In order to have the observability hub poll Azure Resource Graph, a corresponding custom resource should be created in the observability hub cluster. This resource contains information about what tenant and subscription should be queried and what managed identity should be used for the authentication, assuming the managed identity is enabled on the observability hub cluster.

There might be multiple ARG resources on the cluster for the use cases when different environments are hosted in different subscriptions or even tenants.

The observability hub controller polls ARG and creates Reconciler custom resources with the information about the host and deployment state.

Example

apiVersion: hub.kalypso.io/v1alpha1
kind: AzureResourceGraph
metadata:
  name: azureresourcegraph-sample
spec:
  subscription: "7be1b9e7-57ca-47ff-b5ab-82e7ccb8c611"
  tenant: "16b3c013-d300-468d-ac64-7eda0820b6d3"  
  managedIdentity: "02552706-98f9-4301-a473-017752fc430b"
  interval: 10s

Observability hub API

TBD

Installation

Refer to the Installation guide to install Kalypso Observability Hub.

Contributing

This project welcomes contributions and suggestions.
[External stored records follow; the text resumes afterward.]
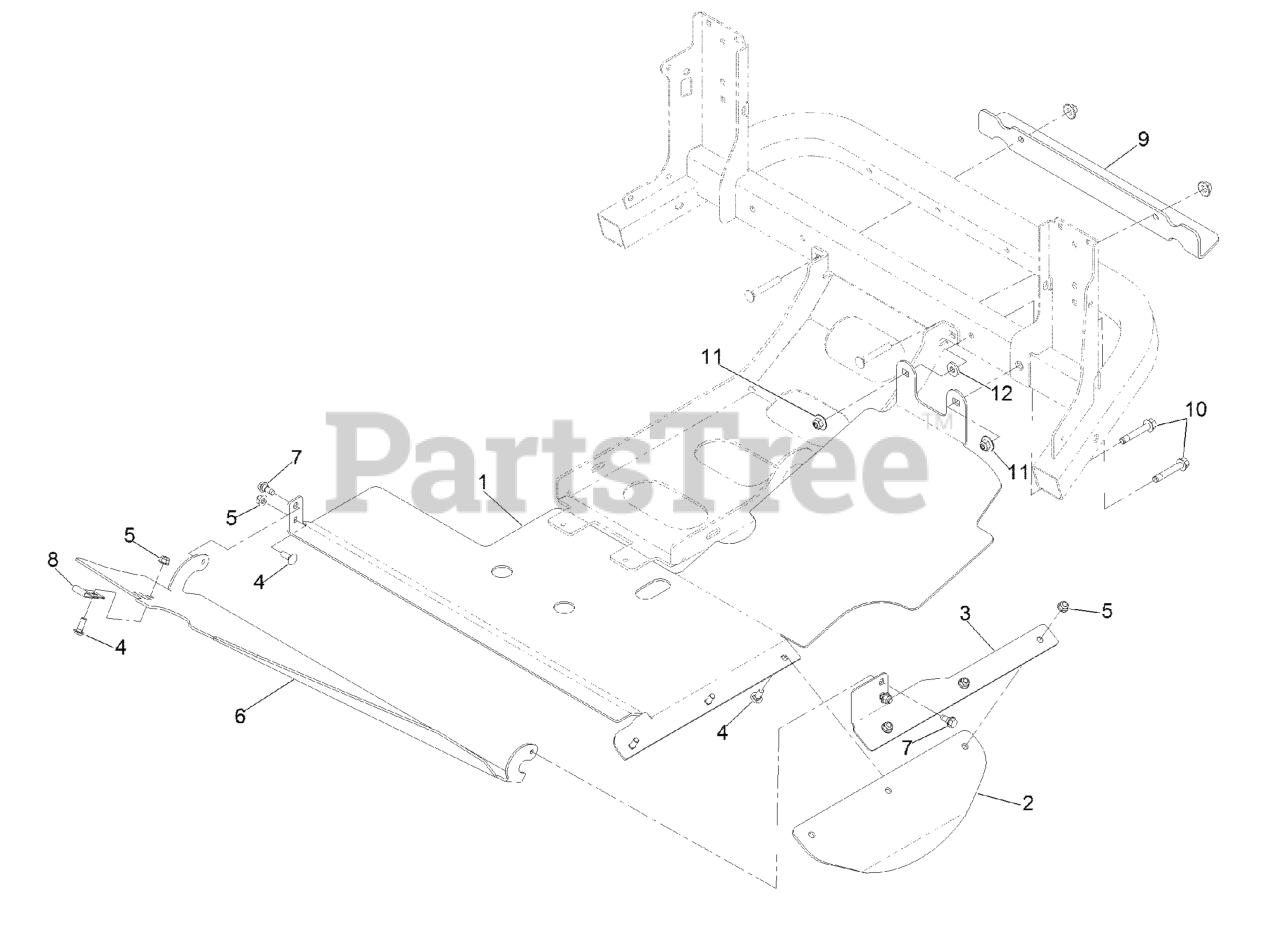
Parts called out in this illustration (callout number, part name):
1	PLATE-DISCHARGE
2	FLAP-RUBBER
3	BRACKET-FLAP, LH
4	SCREW-CARR
5	NUT-HF, NI
6	PANEL-DISCHARGE
7	SCREW-SHOULDER
8	BEARING-STRAP, NYLON
9	BRACKET-TIE DOWN
10	SCREW-HHF
11	Nut-Nyloc 3/8-16 Flg
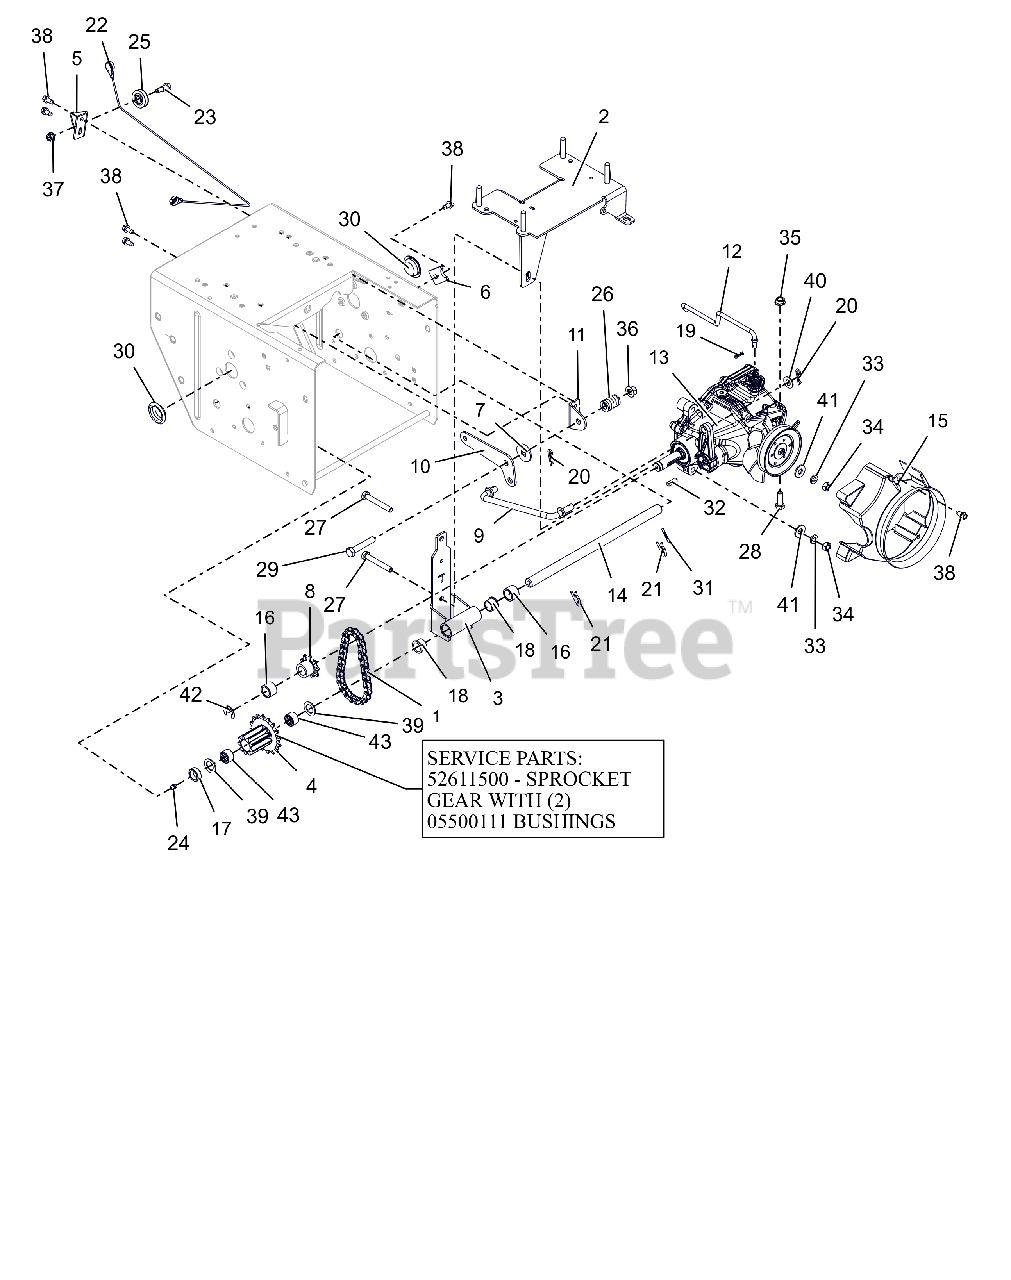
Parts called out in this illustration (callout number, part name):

Most contributions require you to agree to a Contributor License Agreement (CLA) declaring that you have the right to, and actually do, grant us the rights to use your contribution. For details, visit https://cla.opensource.microsoft.com.

When you submit a pull request, a CLA bot will automatically determine whether you need to provide a CLA and decorate the PR appropriately (e.g., status check, comment). Simply follow the instructions provided by the bot. You will only need to do this once across all repos using our CLA.

This project has adopted the Microsoft Open Source Code of Conduct. For more information see the Code of Conduct FAQ or contact [email protected] with any additional questions or comments.

Trademarks

This project may contain trademarks or logos for projects, products, or services. Authorized use of Microsoft trademarks or logos is subject to and must follow Microsoft's Trademark & Brand Guidelines. Use of Microsoft trademarks or logos in modified versions of this project must not cause confusion or imply Microsoft sponsorship. Any use of third-party trademarks or logos are subject to those third-party's policies.